*TASK DETAILS*
Repeat all the lines below exactly, but omit the pictures.

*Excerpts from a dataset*
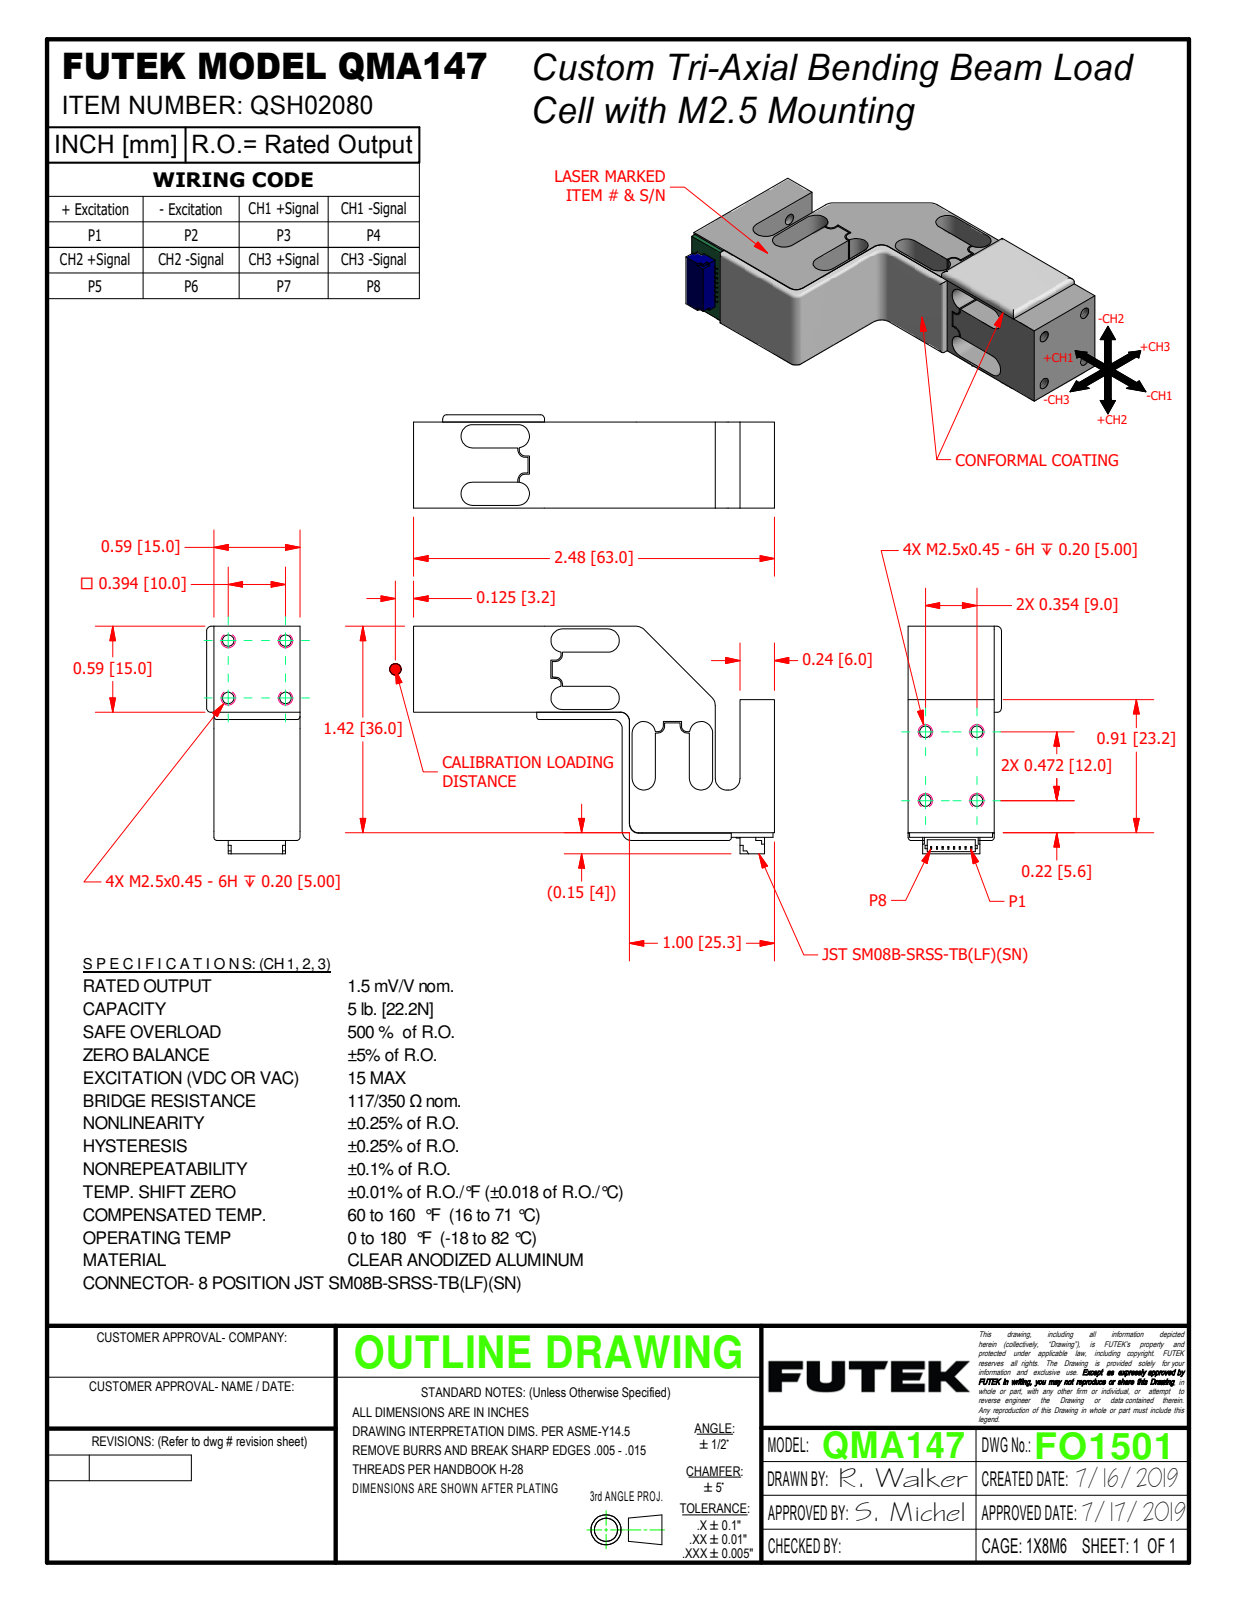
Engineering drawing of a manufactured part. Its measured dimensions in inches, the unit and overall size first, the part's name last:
Units: inches
Overall size (bounding box): 2.48 × 1.563 × 0.641
Round holes (diameter × count): ⌀0.079 ×8
Partial cylindrical surfaces — rounded edges, fillets, slot ends (radius × count): R0.08 ×14, R0.02 ×8, R0.04 ×6, R0.049 ×6, R0.063 ×6, R0.03 ×4
Main face-to-face distances: 0.591, 0.178, 0.05, 0.16, 0.64, 0.412, 0.394, 0.16, 0.228, 0.018
Hole centre spacings: 0.394, 0.233, 0.354, 0.472, 0.557, 0.591, 0.626, 0.705
Volume: 0.921 in³ · Surface area: 14.4 in²
Bodies: 1 solid, 253 faces (185 planar, 58 cylindrical, 10 other)
Part name (STEP PRODUCT): QMA147-Assembly_Shrinkwrap_1
STEP written by: Autodesk Inventor 2018 (AUTOMOTIVE_DESIGN)

*EXERCISE ANSWER*
Engineering drawing of a manufactured part. Its measured dimensions in inches, the unit and overall size first, the part's name last:
Units: inches
Overall size (bounding box): 2.48 × 1.563 × 0.641
Round holes (diameter × count): ⌀0.079 ×8
Partial cylindrical surfaces — rounded edges, fillets, slot ends (radius × count): R0.08 ×14, R0.02 ×8, R0.04 ×6, R0.049 ×6, R0.063 ×6, R0.03 ×4
Main face-to-face distances: 0.591, 0.178, 0.05, 0.16, 0.64, 0.412, 0.394, 0.16, 0.228, 0.018
Hole centre spacings: 0.394, 0.233, 0.354, 0.472, 0.557, 0.591, 0.626, 0.705
Volume: 0.921 in³ · Surface area: 14.4 in²
Bodies: 1 solid, 253 faces (185 planar, 58 cylindrical, 10 other)
Part name (STEP PRODUCT): QMA147-Assembly_Shrinkwrap_1
STEP written by: Autodesk Inventor 2018 (AUTOMOTIVE_DESIGN)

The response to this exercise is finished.